Потому что мой Михаил не из тех мужчин, которые способны
изменять беременной жене.
Он тот, кто собственноручно красит детскую комнату в
нежно-розовый цвет, несмотря на свою природную брутальность.
Он тот, кто собирает кроватку и бережно кладет туда детский
матрас, а наверх садит плюшевого мишку. Ведь он уверен, что это
будет любимая игрушка нашей дочурки, которая вот-вот появится на
свет.
Михаил только вчера прислал мне сообщение с прикрепленной к нему
фотографией горы пачек подгузников. Я шутя его пожурила и
напомнила, что новорожденные растут быстро и столько подгузников
нам не понадобится.
А сейчас, я шмыгаю носом и голыми ногами по бреду по прохладному
кафелю в сторону кухни, откуда продолжают доноситься стоны, шлепки,
и другие сопутствующие звуки быстрого, жёсткого секса.

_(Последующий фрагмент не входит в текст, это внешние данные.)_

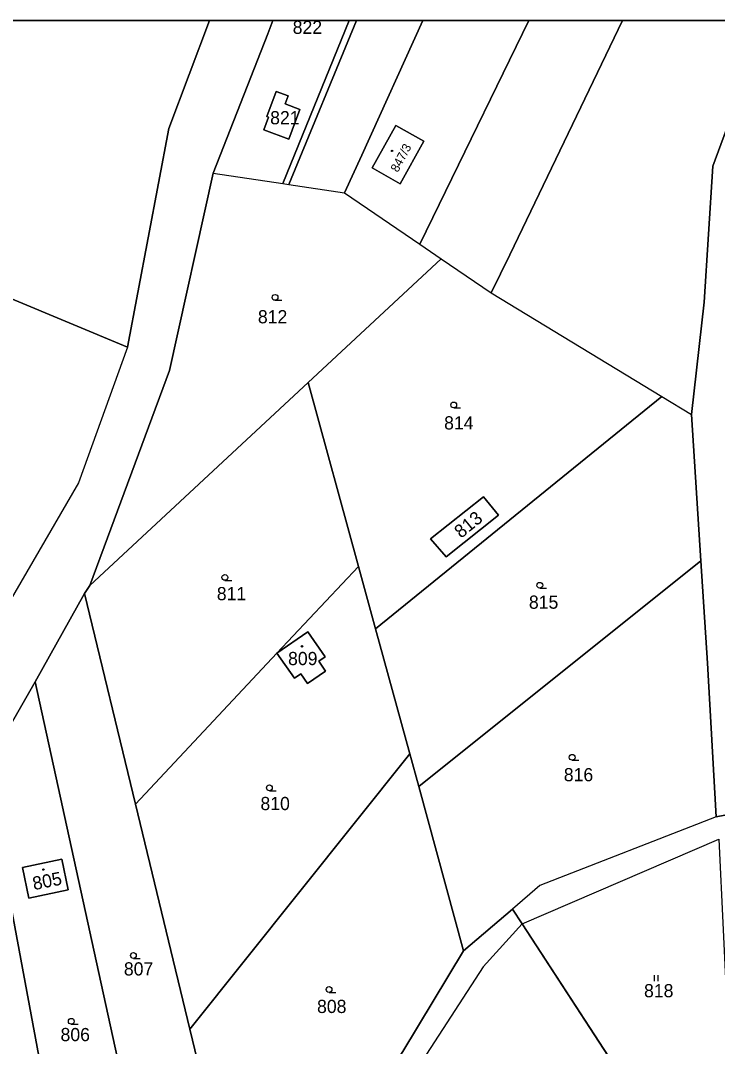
# Model space of a CAD drawing. Extents: x -598233 to -596890, y -1157848 to -1156431.
# Drawn here: x -597263.6 to -597173.7, y -1156563.2 to -1156430.9 of the extents above; entities that cross this region are included whole.
import ezdxf

# ---------------------------------------------------------------- set-up
doc = ezdxf.new("R2010")
doc.units = 0
for name, color, linetype in [('Level 1', 7, 'Continuous'), ('Level 4', 7, 'Continuous'), ('Level 5', 7, 'Continuous'), ('Level 60', 7, 'Continuous'), ('Vrstva 54', 7, 'Continuous'), ('Vrstva 60', 7, 'Continuous'), ('zajmove_uzemi', 7, 'Continuous')]:
    doc.layers.add(name, color=color, linetype=linetype)

msp = doc.modelspace()

# ---------------------------------------------------------------- linework, layer by layer
at = {"layer": 'Level 1'}
for p, q in [((-597221.18, -1156430.86), (-597229.75, -1156451.89)), ((-597220.23, -1156430.86), (-597228.98, -1156452.01))]:
    msp.add_line(p, q, dxfattribs=at)
for points in [[(-597239.21, -1156430.86), (-597244.43, -1156444.78), (-597249.79, -1156472.97)], [(-597238.72, -1156450.53), (-597231.67, -1156432.59), (-597231.01, -1156430.86)], [(-597211.69, -1156430.86), (-597219.55, -1156448.2), (-597221.8, -1156453.1)], [(-597212.07, -1156459.7), (-597209.57, -1156454.58), (-597197.98, -1156430.86)], [(-597202.84, -1156465.96), (-597200.44, -1156461.09), (-597185.93, -1156430.86)], [(-596983.04, -1156430.86), (-596990.44, -1156433.91), (-596993.19, -1156433.76), (-596999.57, -1156433.41), (-597008.19, -1156432.93), (-597020.25, -1156432.27), (-597021.76, -1156432.84), (-597039.48, -1156439.55), (-597043.96, -1156441.25), (-597051.15, -1156448.54), (-597059.31, -1156456.81), (-597060.92, -1156460.09), (-597066.24, -1156470.9), (-597072.84, -1156484.32), (-597082.04, -1156503.01), (-597106.3, -1156535.11), (-597116.84, -1156538.45), (-597133.32, -1156543.68), (-597151.67, -1156549.5), (-597172.37, -1156559.82), (-597163.68, -1156568.62), (-597179, -1156577.83), (-597198.88, -1156547.34)], [(-597170.01, -1156438.1), (-597174.27, -1156449.64), (-597175.37, -1156467.16), (-597177.03, -1156481.67)], [(-597231.8, -1156443.24), (-597231.59, -1156443.32), (-597232.2, -1156444.97), (-597228.97, -1156446.16), (-597227.55, -1156442.33), (-597229.45, -1156441.62), (-597229.06, -1156440.56), (-597230.6, -1156439.99), (-597231.8, -1156443.24)], [(-597215.14, -1156444.39), (-597218.21, -1156449.87), (-597214.61, -1156451.9), (-597211.53, -1156446.43), (-597215.14, -1156444.39)], [(-597238.72, -1156450.53), (-597244.37, -1156475.99), (-597254.61, -1156503.72)], [(-597238.72, -1156450.53), (-597229.75, -1156451.89)], [(-597229.75, -1156451.89), (-597228.98, -1156452.01)], [(-597228.98, -1156452.01), (-597221.8, -1156453.1)], [(-597221.8, -1156453.1), (-597212.07, -1156459.7)], [(-597212.07, -1156459.7), (-597209.32, -1156461.57)], [(-597249.79, -1156472.97), (-597264.84, -1156466.7), (-597276.96, -1156461.27)], [(-597226.47, -1156477.54), (-597209.32, -1156461.57)], [(-597209.32, -1156461.57), (-597202.84, -1156465.96)], [(-597202.84, -1156465.96), (-597180.85, -1156479.34)], [(-597249.79, -1156472.97), (-597256.11, -1156490.48), (-597275.37, -1156523.59)], [(-597254.61, -1156503.72), (-597226.47, -1156477.54)], [(-597226.47, -1156477.54), (-597219.98, -1156501.26)], [(-597217.78, -1156509.31), (-597180.85, -1156479.34)], [(-597180.85, -1156479.34), (-597177.03, -1156481.67)], [(-597177.03, -1156481.67), (-597175.81, -1156500.52)], [(-597210.7, -1156497.7), (-597208.67, -1156500.04), (-597201.91, -1156494.66), (-597203.86, -1156492.29), (-597210.7, -1156497.7)], [(-597219.98, -1156501.26), (-597230.49, -1156512.46)], [(-597219.98, -1156501.26), (-597217.78, -1156509.31)], [(-597212.21, -1156529.66), (-597175.81, -1156500.52)], [(-597173.82, -1156533.55), (-597174.96, -1156513.72), (-597175.81, -1156500.52)], [(-597254.61, -1156503.72), (-597255.33, -1156504.77)], [(-597255.33, -1156504.77), (-597261.7, -1156516.13)], [(-597255.33, -1156504.77), (-597248.76, -1156531.93)], [(-597217.78, -1156509.31), (-597213.37, -1156525.44)], [(-597230.49, -1156512.46), (-597228.25, -1156515.68), (-597227.43, -1156515.11), (-597226.56, -1156516.37), (-597224.23, -1156514.75), (-597225.1, -1156513.49), (-597224.29, -1156512.92), (-597226.53, -1156509.7), (-597230.49, -1156512.46)], [(-597230.49, -1156512.46), (-597248.76, -1156531.93)], [(-597261.7, -1156516.13), (-597268.12, -1156527.38)], [(-597261.7, -1156516.13), (-597243.76, -1156598.14)], [(-597213.37, -1156525.44), (-597241.73, -1156560.95)], [(-597213.37, -1156525.44), (-597212.21, -1156529.66)], [(-597268.12, -1156527.38), (-597253.64, -1156605.19)], [(-597212.21, -1156529.66), (-597206.42, -1156550.83)], [(-597173.82, -1156533.55), (-597154.77, -1156529.92)], [(-597248.76, -1156531.93), (-597241.73, -1156560.95)], [(-597173.82, -1156533.55), (-597196.56, -1156542.42), (-597200.11, -1156545.45)], [(-597198.88, -1156547.34), (-597173.51, -1156536.43)], [(-597263.33, -1156540.08), (-597262.49, -1156544.05), (-597257.41, -1156542.98), (-597258.25, -1156539.01), (-597263.33, -1156540.08)], [(-597198.88, -1156547.34), (-597200.11, -1156545.45), (-597206.42, -1156550.83), (-597214.25, -1156563.84), (-597226.81, -1156583.1), (-597234.42, -1156590.78), (-597236.8, -1156593.17), (-597243.76, -1156598.14), (-597253.64, -1156605.19), (-597264.71, -1156613.09), (-597272.06, -1156618.34), (-597277.57, -1156622.61), (-597282.01, -1156626.05), (-597296.17, -1156642.61), (-597311.62, -1156665.35)], [(-597200.11, -1156545.45), (-597206.42, -1156550.83)], [(-597198.88, -1156547.34), (-597200.11, -1156545.45)], [(-597198.88, -1156547.34), (-597203.91, -1156552.9), (-597224.81, -1156585.12), (-597234.44, -1156595.57), (-597270.01, -1156620.36), (-597279.55, -1156628.48), (-597293.84, -1156644.9), (-597307.95, -1156665.77), (-597315.14, -1156692.8), (-597317.34, -1156711.58), (-597319.1, -1156732.65), (-597322.18, -1156740.06), (-597326.29, -1156749.4), (-597332.78, -1156760.24), (-597341.84, -1156770.5), (-597352.85, -1156781.63)], [(-597198.88, -1156547.34), (-597179, -1156577.83), (-597163.68, -1156568.62), (-597172.37, -1156559.82)], [(-597234.42, -1156590.78), (-597226.81, -1156583.1), (-597214.25, -1156563.84), (-597206.42, -1156550.83)], [(-597234.42, -1156590.78), (-597234.55, -1156590.6), (-597241.73, -1156560.95)]]:
    msp.add_lwpolyline(points, dxfattribs=at)
at = {"layer": 'Level 5'}
for p, q in [((-597230.74, -1156466.94), (-597229.86, -1156466.94)), ((-597207.69, -1156480.82), (-597206.82, -1156480.82)), ((-597237.21, -1156503.06), (-597236.33, -1156503.06)), ((-597196.59, -1156504.07), (-597195.71, -1156504.07)), ((-597192.41, -1156526.26), (-597191.54, -1156526.26)), ((-597231.47, -1156530.2), (-597230.59, -1156530.2)), ((-597249.01, -1156551.82), (-597248.14, -1156551.82)), ((-597181.8, -1156554.75), (-597181.8, -1156553.99)), ((-597181.3, -1156554.75), (-597181.3, -1156553.99)), ((-597223.77, -1156556.21), (-597222.9, -1156556.21)), ((-597257.02, -1156560.31), (-597256.15, -1156560.31))]:
    msp.add_line(p, q, dxfattribs=at)
for centre, radius in [((-597215.64, -1156447.67), 0.09), ((-597215.64, -1156447.67), 0.0521), ((-597230.74, -1156466.56), 0.375), ((-597207.69, -1156480.44), 0.375), ((-597237.21, -1156502.68), 0.375), ((-597196.59, -1156503.69), 0.375), ((-597227.26, -1156511.57), 0.09), ((-597227.26, -1156511.57), 0.0521), ((-597192.41, -1156525.88), 0.375), ((-597231.47, -1156529.82), 0.375), ((-597260.62, -1156540.36), 0.09), ((-597260.62, -1156540.36), 0.0521), ((-597249.01, -1156551.44), 0.375), ((-597223.77, -1156555.83), 0.375), ((-597257.02, -1156559.93), 0.375)]:
    msp.add_circle(centre, radius, dxfattribs=at)
at = {"layer": 'Level 60'}
for points in [[(-597154.77, -1156529.92), (-597173.82, -1156533.55), (-597174.96, -1156513.72), (-597175.81, -1156500.52), (-597177.03, -1156481.67), (-597175.37, -1156467.16), (-597174.27, -1156449.64), (-597170.01, -1156438.1), (-597163.83, -1156476.32), (-597160.08, -1156496.47)], [(-597231.59, -1156443.32), (-597231.8, -1156443.24), (-597230.6, -1156439.99), (-597229.06, -1156440.56), (-597229.45, -1156441.62), (-597227.55, -1156442.33), (-597228.97, -1156446.16), (-597232.2, -1156444.97)], [(-597218.21, -1156449.87), (-597215.14, -1156444.39), (-597211.53, -1156446.43), (-597214.61, -1156451.9)], [(-597244.37, -1156475.99), (-597238.72, -1156450.53), (-597229.75, -1156451.89), (-597228.98, -1156452.01), (-597221.8, -1156453.1), (-597212.07, -1156459.7), (-597209.32, -1156461.57), (-597226.47, -1156477.54), (-597254.61, -1156503.72)], [(-597249.79, -1156472.97), (-597256.11, -1156490.48), (-597275.37, -1156523.59), (-597310.19, -1156503.61), (-597304.04, -1156491.58), (-597298.36, -1156478.2), (-597288.9, -1156455.93), (-597276.96, -1156461.27), (-597264.84, -1156466.7)], [(-597209.32, -1156461.57), (-597202.84, -1156465.96), (-597180.85, -1156479.34), (-597217.78, -1156509.31), (-597219.98, -1156501.26), (-597226.47, -1156477.54)], [(-597255.33, -1156504.77), (-597254.61, -1156503.72), (-597226.47, -1156477.54), (-597219.98, -1156501.26), (-597230.49, -1156512.46), (-597248.76, -1156531.93)], [(-597213.37, -1156525.44), (-597217.78, -1156509.31), (-597180.85, -1156479.34), (-597177.03, -1156481.67), (-597175.81, -1156500.52), (-597212.21, -1156529.66)], [(-597208.67, -1156500.04), (-597210.7, -1156497.7), (-597203.86, -1156492.29), (-597201.91, -1156494.66)], [(-597210.7, -1156497.7), (-597208.67, -1156500.04), (-597201.91, -1156494.66), (-597203.86, -1156492.29)], [(-597230.49, -1156512.46), (-597228.25, -1156515.68), (-597227.43, -1156515.11), (-597226.56, -1156516.37), (-597224.23, -1156514.75), (-597225.1, -1156513.49), (-597224.29, -1156512.92), (-597226.53, -1156509.7), (-597230.49, -1156512.46), (-597219.98, -1156501.26), (-597217.78, -1156509.31), (-597213.37, -1156525.44), (-597241.73, -1156560.95), (-597248.76, -1156531.93)], [(-597173.82, -1156533.55), (-597196.56, -1156542.42), (-597200.11, -1156545.45), (-597206.42, -1156550.83), (-597212.21, -1156529.66), (-597175.81, -1156500.52), (-597174.96, -1156513.72)], [(-597234.55, -1156590.6), (-597234.42, -1156590.78), (-597236.8, -1156593.17), (-597243.76, -1156598.14), (-597261.7, -1156516.13), (-597255.33, -1156504.77), (-597248.76, -1156531.93), (-597241.73, -1156560.95)], [(-597228.25, -1156515.68), (-597230.49, -1156512.46), (-597226.53, -1156509.7), (-597224.29, -1156512.92), (-597225.1, -1156513.49), (-597224.23, -1156514.75), (-597226.56, -1156516.37), (-597227.43, -1156515.11)], [(-597268.12, -1156527.38), (-597261.7, -1156516.13), (-597243.76, -1156598.14), (-597253.64, -1156605.19)], [(-597234.42, -1156590.78), (-597234.55, -1156590.6), (-597241.73, -1156560.95), (-597213.37, -1156525.44), (-597212.21, -1156529.66), (-597206.42, -1156550.83), (-597214.25, -1156563.84), (-597226.81, -1156583.1)], [(-597264.71, -1156613.09), (-597269.75, -1156586.34), (-597278.64, -1156545.8), (-597268.12, -1156527.38), (-597253.64, -1156605.19)], [(-597173.51, -1156536.43), (-597172.37, -1156559.82), (-597163.68, -1156568.62), (-597179, -1156577.83), (-597198.88, -1156547.34)], [(-597262.49, -1156544.05), (-597263.33, -1156540.08), (-597258.25, -1156539.01), (-597257.41, -1156542.98)], [(-597263.33, -1156540.08), (-597262.49, -1156544.05), (-597257.41, -1156542.98), (-597258.25, -1156539.01)]]:
    msp.add_lwpolyline(points, close=True, dxfattribs=at)
msp.add_lwpolyline([(-597311.62, -1156665.35), (-597296.17, -1156642.61), (-597282.01, -1156626.05), (-597277.57, -1156622.61), (-597272.06, -1156618.34), (-597264.71, -1156613.09), (-597253.64, -1156605.19), (-597243.76, -1156598.14), (-597236.8, -1156593.17), (-597234.42, -1156590.78), (-597226.81, -1156583.1), (-597214.25, -1156563.84), (-597206.42, -1156550.83), (-597200.11, -1156545.45), (-597198.88, -1156547.34), (-597203.91, -1156552.9), (-597224.81, -1156585.12), (-597234.44, -1156595.57), (-597270.01, -1156620.36), (-597279.55, -1156628.48), (-597293.84, -1156644.9), (-597307.95, -1156665.77)], dxfattribs=at)
at = {"layer": 'Vrstva 54'}
for p, q in [((-597200.11, -1156545.45), (-597206.42, -1156550.83)), ((-597198.88, -1156547.34), (-597200.11, -1156545.45)), ((-597179, -1156577.83), (-597198.88, -1156547.34)), ((-597206.42, -1156550.83), (-597214.25, -1156563.84))]:
    msp.add_line(p, q, dxfattribs=at)
at = {"layer": 'Vrstva 60'}
for points in [[(-596983.04, -1156430.86), (-598045.83, -1156430.86)], [(-597268.12, -1156527.38), (-597261.7, -1156516.13), (-597255.33, -1156504.77), (-597254.61, -1156503.72), (-597244.37, -1156475.99), (-597238.72, -1156450.53), (-597231.67, -1156432.59), (-597231.01, -1156430.86), (-597239.21, -1156430.86), (-597244.43, -1156444.78), (-597249.79, -1156472.97), (-597256.11, -1156490.48), (-597275.37, -1156523.59)], [(-597059.31, -1156456.81), (-597060.92, -1156460.09), (-597066.24, -1156470.9), (-597072.84, -1156484.32), (-597082.04, -1156503.01), (-597106.3, -1156535.11), (-597116.84, -1156538.45), (-597133.32, -1156543.68), (-597151.67, -1156549.5), (-597172.37, -1156559.82), (-597163.68, -1156568.62), (-597179, -1156577.83), (-597198.88, -1156547.34), (-597203.91, -1156552.9), (-597224.81, -1156585.12), (-597234.44, -1156595.57), (-597270.01, -1156620.36), (-597279.55, -1156628.48), (-597293.84, -1156644.9), (-597307.95, -1156665.77)], [(-597059.31, -1156456.81), (-597060.92, -1156460.09), (-597066.24, -1156470.9), (-597072.84, -1156484.32), (-597082.04, -1156503.01), (-597106.3, -1156535.11), (-597116.84, -1156538.45), (-597133.32, -1156543.68), (-597151.67, -1156549.5), (-597172.37, -1156559.82), (-597163.68, -1156568.62), (-597179, -1156577.83), (-597198.88, -1156547.34), (-597200.11, -1156545.45), (-597206.42, -1156550.83), (-597214.25, -1156563.84), (-597226.81, -1156583.1), (-597234.42, -1156590.78), (-597236.8, -1156593.17), (-597243.76, -1156598.14), (-597253.64, -1156605.19), (-597264.71, -1156613.09)], [(-597264.71, -1156613.09), (-597253.64, -1156605.19), (-597243.76, -1156598.14), (-597236.8, -1156593.17), (-597234.42, -1156590.78), (-597226.81, -1156583.1), (-597214.25, -1156563.84), (-597206.42, -1156550.83), (-597200.11, -1156545.45), (-597198.88, -1156547.34), (-597179, -1156577.83), (-597163.68, -1156568.62), (-597172.37, -1156559.82), (-597151.67, -1156549.5), (-597133.32, -1156543.68), (-597116.84, -1156538.45), (-597106.3, -1156535.11), (-597082.04, -1156503.01), (-597072.84, -1156484.32), (-597066.24, -1156470.9), (-597060.92, -1156460.09), (-597059.31, -1156456.81)], [(-597154.77, -1156529.92), (-597173.82, -1156533.55), (-597196.56, -1156542.42), (-597200.11, -1156545.45), (-597198.88, -1156547.34), (-597173.51, -1156536.43)]]:
    msp.add_lwpolyline(points, dxfattribs=at)
for points in [[(-597239.21, -1156430.86), (-597266.15, -1156430.86), (-597276.96, -1156461.27), (-597264.84, -1156466.7), (-597249.79, -1156472.97), (-597244.43, -1156444.78)], [(-597221.18, -1156430.86), (-597231.01, -1156430.86), (-597231.67, -1156432.59), (-597238.72, -1156450.53), (-597229.75, -1156451.89)], [(-597220.23, -1156430.86), (-597221.18, -1156430.86), (-597229.75, -1156451.89), (-597228.98, -1156452.01)], [(-597211.69, -1156430.86), (-597220.23, -1156430.86), (-597228.98, -1156452.01), (-597221.8, -1156453.1), (-597219.55, -1156448.2)], [(-597197.98, -1156430.86), (-597211.69, -1156430.86), (-597219.55, -1156448.2), (-597221.8, -1156453.1), (-597212.07, -1156459.7), (-597209.57, -1156454.58)], [(-597185.93, -1156430.86), (-597197.98, -1156430.86), (-597209.57, -1156454.58), (-597212.07, -1156459.7), (-597209.32, -1156461.57), (-597202.84, -1156465.96), (-597200.44, -1156461.09)], [(-597166.96, -1156430.86), (-597185.93, -1156430.86), (-597200.44, -1156461.09), (-597202.84, -1156465.96), (-597180.85, -1156479.34), (-597177.03, -1156481.67), (-597175.37, -1156467.16), (-597174.27, -1156449.64), (-597170.01, -1156438.1)], [(-597230.6, -1156439.99), (-597229.06, -1156440.56), (-597229.45, -1156441.62), (-597227.55, -1156442.33), (-597228.97, -1156446.16), (-597232.2, -1156444.97), (-597231.59, -1156443.32), (-597231.8, -1156443.24)], [(-597211.53, -1156446.43), (-597214.61, -1156451.9), (-597218.21, -1156449.87), (-597215.14, -1156444.39)]]:
    msp.add_lwpolyline(points, close=True, dxfattribs=at)
at = {"layer": 'zajmove_uzemi'}
msp.add_lwpolyline([(-598232.89, -1156430.86), (-596890.46, -1156430.86), (-596890.46, -1157848.46), (-598232.89, -1157848.46)], close=True, dxfattribs=at)

# ---------------------------------------------------------------- texts
at = {"layer": 'Level 4'}
for s, p in [('822', (-597228.46, -1156432.58)), ('821', (-597231.37, -1156444.24)), ('812', (-597232.95, -1156469.91)), ('814', (-597208.93, -1156483.6)), ('811', (-597238.25, -1156505.62)), ('815', (-597197.99, -1156506.72)), ('809', (-597229.06, -1156513.99)), ('816', (-597193.49, -1156528.97)), ('810', (-597232.62, -1156532.69)), ('807', (-597250.24, -1156554.02)), ('818', (-597183.14, -1156556.83)), ('808', (-597225.32, -1156558.86)), ('806', (-597258.41, -1156562.49))]:
    msp.add_text(s, height=1.7, dxfattribs=at).set_placement(p)
for s, height, rotation, p in [('847/3', 1.14, 61.9204, (-597214.9, -1156450.51)), ('813', 1.7, 39.1437, (-597206.75, -1156497.71)), ('805', 1.7, 11.3099, (-597261.84, -1156543.02))]:
    msp.add_text(s, height=height, rotation=rotation, dxfattribs=at).set_placement(p)

doc.saveas('drawing.dxf')

Побелевшими пальцами вонзаюсь в дверной косяк. Меня шатает,
перед глазами пляшут черные точки.
Кончиком языка убираю попавшие на губы слезы, что нескончаемым
потоком текут по лицу.
И захожу.
Первыми в глаза бросаются разметавшиеся по мраморному кухонному
острову женские волосы цвета вороньего крыла.
Длинные, шелковистые.
Как у моей сестры.
Горло царапает немой крик, а в голове пульсирует ужасающая
догадка.
— Адель?
Ее имя само срывается с губ, я ничего не успеваю поделать.
Девушка, что извивалась под моим мужем еще секунду назад,
вскрикивает от неожиданности.
Взмахивает рукой с острыми ноготками цвета фуксии и случайно
сталкивает с центра кухонного острова дерево Бонсай. Горшочек
падает и разбивается, а растение, за которым я ежедневно ухаживала,
лежит на полу в куче земли.
Михаил подарил мне его, когда сделал предложение. Он тогда
пояснил, что если за деревом Бонсай ухаживать с любовью, то оно
может прожить сто лет.
И поклялся, что это дерево мы обязательно передадим по
наследству не только нашим детям, но и внукам.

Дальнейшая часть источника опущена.